9th August, 1917: Last Monday, an ambulance-van drove up with three wounded women soldiers. We were told that they belonged to the Bachkarova Women's Death Battalion. We had not heard the full name before, but we instantly guessed that it was the small army of women recruited in Russia by the Siberian women soldier, Yasha Bachkarova. Naturally we were all very impatient to have news of this remarkable battalion, but the women were sadly shocked and we refrained from questioning them until they had rested. The van driver was not very helpful but he did know that the battalion had been cut up by the enemy and had retreated.

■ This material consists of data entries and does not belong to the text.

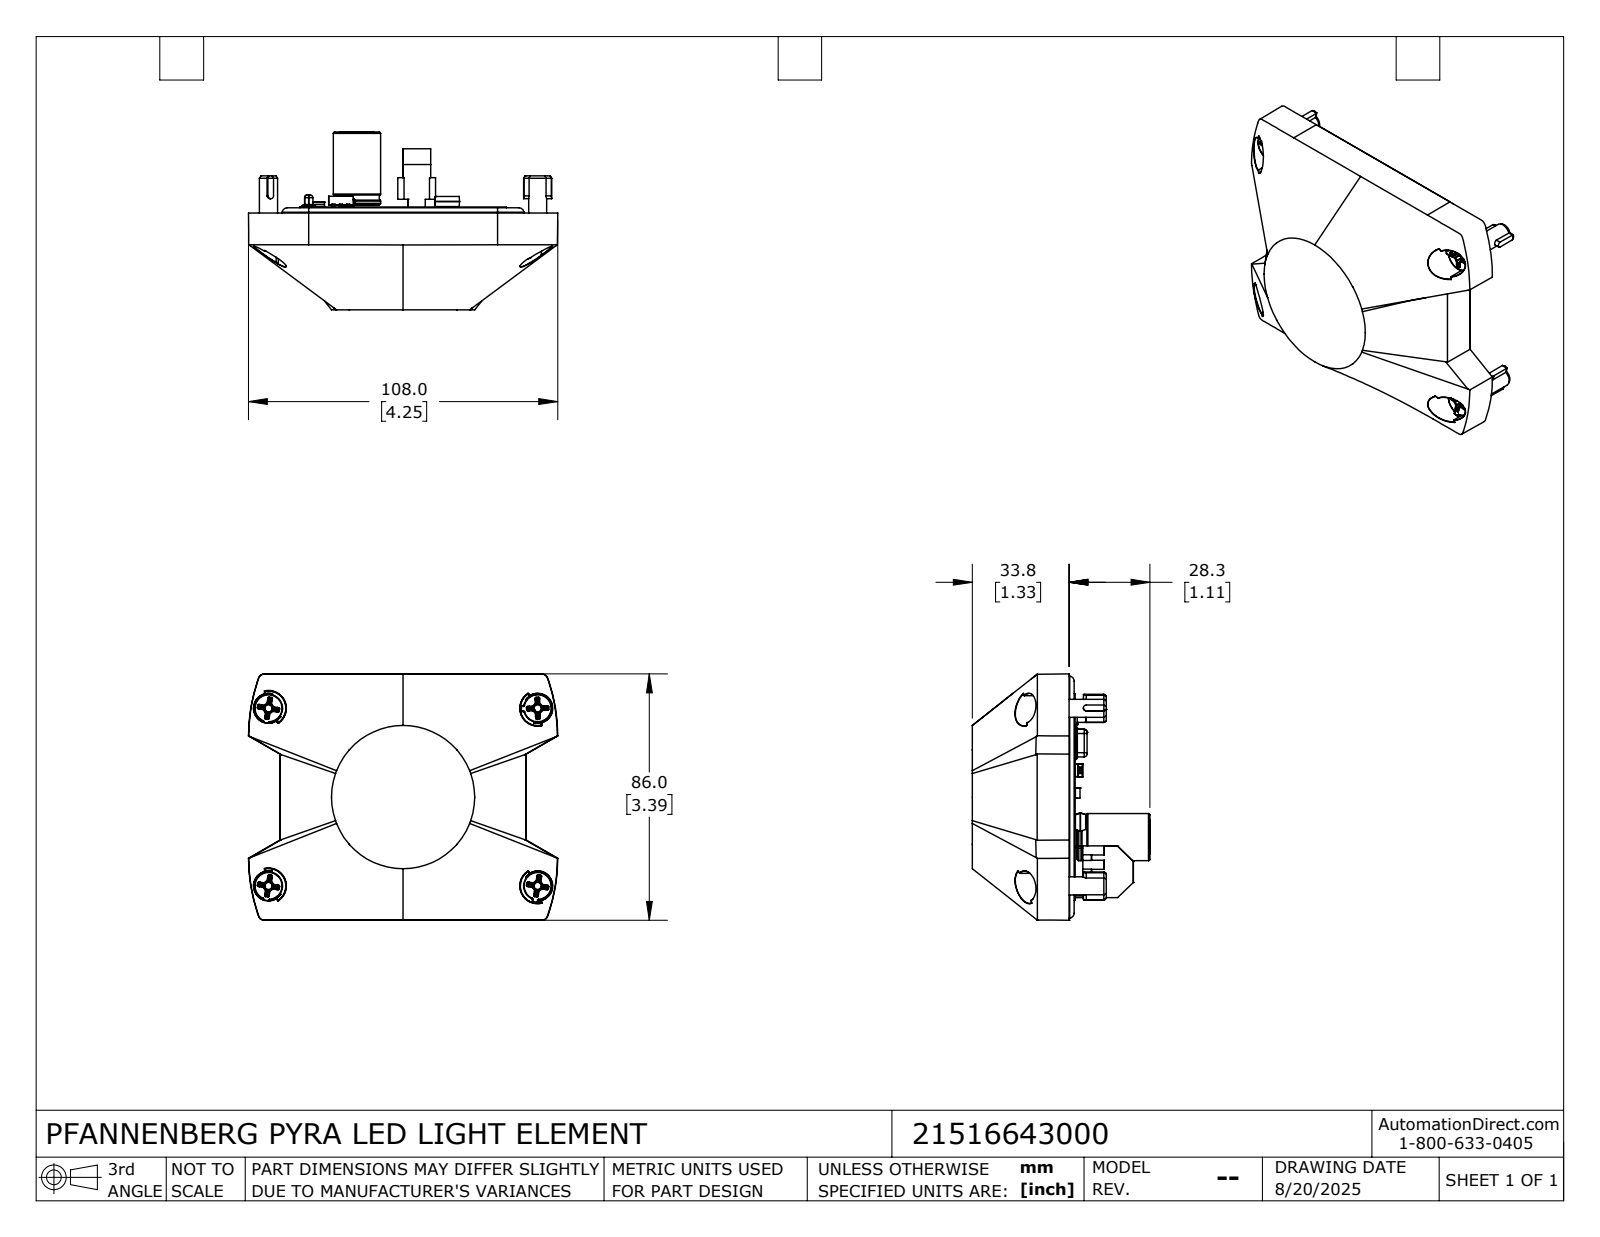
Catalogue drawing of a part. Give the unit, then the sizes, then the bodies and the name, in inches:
Units: inches
Overall size (bounding box): 4.252 × 3.386 × 2.444
Round holes (diameter × count): ⌀0.039 ×12, ⌀0.031 ×8, ⌀0.043 ×7, ⌀0.035 ×2, ⌀0.055 ×2, ⌀0.059 ×2, ⌀0.098 ×2, ⌀0.118 ×2, ⌀0.04 ×1, ⌀0.097 ×1, ⌀0.137 ×1, ⌀0.162 ×1
Round bosses / shafts (diameter × count): ⌀0.386 ×4, ⌀0.248 ×4, ⌀0.65 ×1
Partial cylindrical surfaces — rounded edges, fillets, slot ends (radius × count): R0.008 ×111, R0.004 ×8, R0.039 ×8, R0.063 ×8, R0.02 ×5, R0.057 ×4, R0.069 ×4, R0.072 ×4
Main face-to-face distances: 0.064, 0.138, 0.202, 1.414, 1.35, 1.213, 3.219, 3.189, 0.03, 0.02
Hole centre spacings: 0.2, 0.591, 1.494, 1.881, 0.188, 0.197, 0.394, 0.4
Volume: 13.38 in³ · Surface area: 82.51 in²
Bodies: 17 solids, 1949 faces (787 planar, 409 cylindrical, 753 other)
Part name (STEP PRODUCT): 21516643000
STEP written by: SolidWorks 2024 (CONFIG_CONTROL_DESIGN)
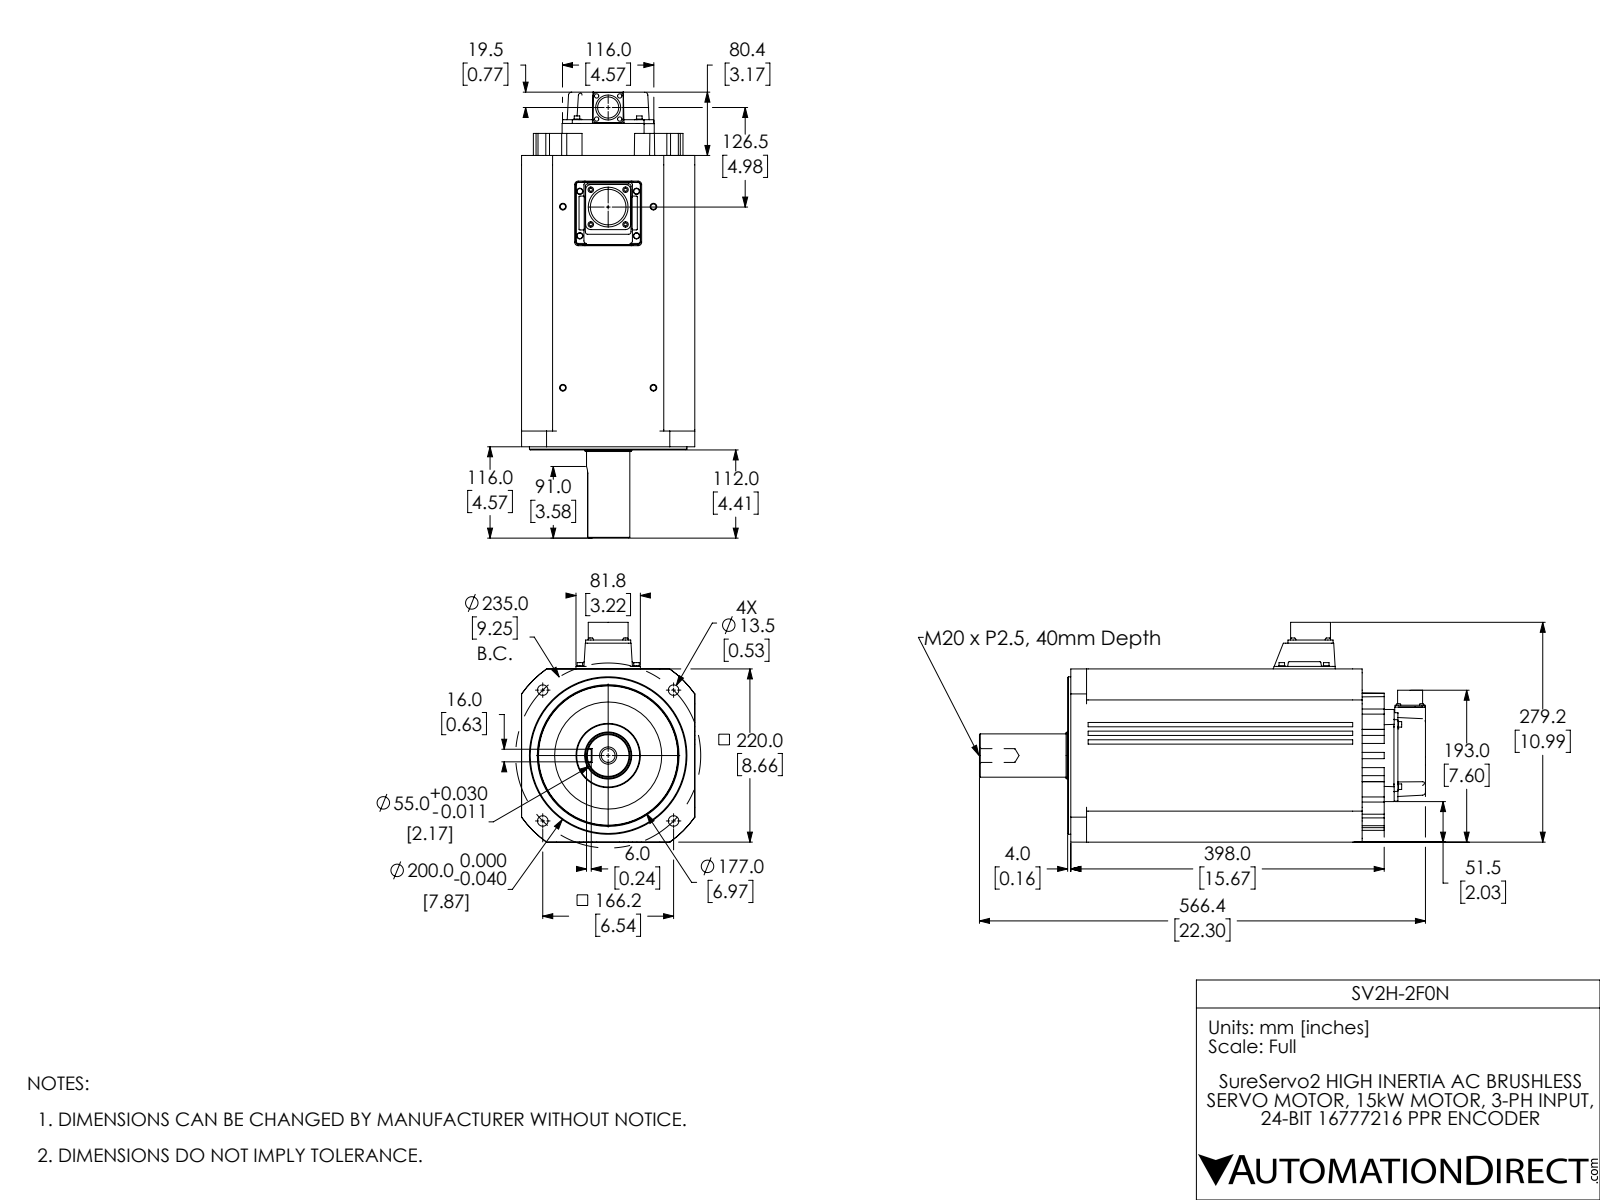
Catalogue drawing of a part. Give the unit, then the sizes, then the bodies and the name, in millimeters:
Units: millimetres
Overall size (bounding box): 566.5 × 279.2 × 220
Round holes (diameter × count): ⌀4.3 ×4, ⌀4.6 ×4, ⌀6.8 ×4, ⌀13.5 ×4, ⌀17.5 ×1, ⌀26.9 ×1, ⌀45.3 ×1, ⌀180 ×1
Round bosses / shafts (diameter × count): ⌀8 ×8, ⌀7 ×8, ⌀4 ×4, ⌀200 ×1, ⌀178 ×1, ⌀136 ×1, ⌀59.8 ×1, ⌀55 ×1
Partial cylindrical surfaces — rounded edges, fillets, slot ends (radius × count): R0.5 ×21, R5 ×20, R3 ×14, R4 ×8, R1 ×4, R4.5 ×4, R6 ×4, R6.6 ×4
Main face-to-face distances: 220, 39.4, 180.6, 5.5, 141.2, 11, 4, 16.5, 8, 374
Hole centre spacings: 117.5, 166.2, 29, 41.2, 42.8, 51.3, 56.5, 57.5
Volume: 17 030 000 mm³ · Surface area: 582 300 mm²
Bodies: 1 solid, 734 faces (325 planar, 204 cylindrical, 205 other)
Part name (STEP PRODUCT): SV2H-2F0N EXT 1c
STEP written by: SolidWorks 2017 (AUTOMOTIVE_DESIGN)

13th August, 1917: At dinner we heard more of the Women's Death Battalion. It was true; Bachkarova had brought her small battalion down south of the Austrian Front, and they had manned part of the trenches which had been abandoned by the Russian Infantry. The size of the Battalion had considerably decreased since the first weeks of recruitment, when some 2000 women and girls had rallied to the call of their leader. Many of them, painted and powdered, had joined the Battalion as an exciting and romantic adventure; she loudly condemned their behaviour and demanded iron discipline. Gradually the patriotic enthusiasm had spent itself; the 2000 slowly dwindled to 250. In honour to those women volunteers, it was recorded that they did go into the attack; they did go "over the top". But not all of them. Some remained in the trenches, fainting and hysterical; others ran or crawled back to the rear.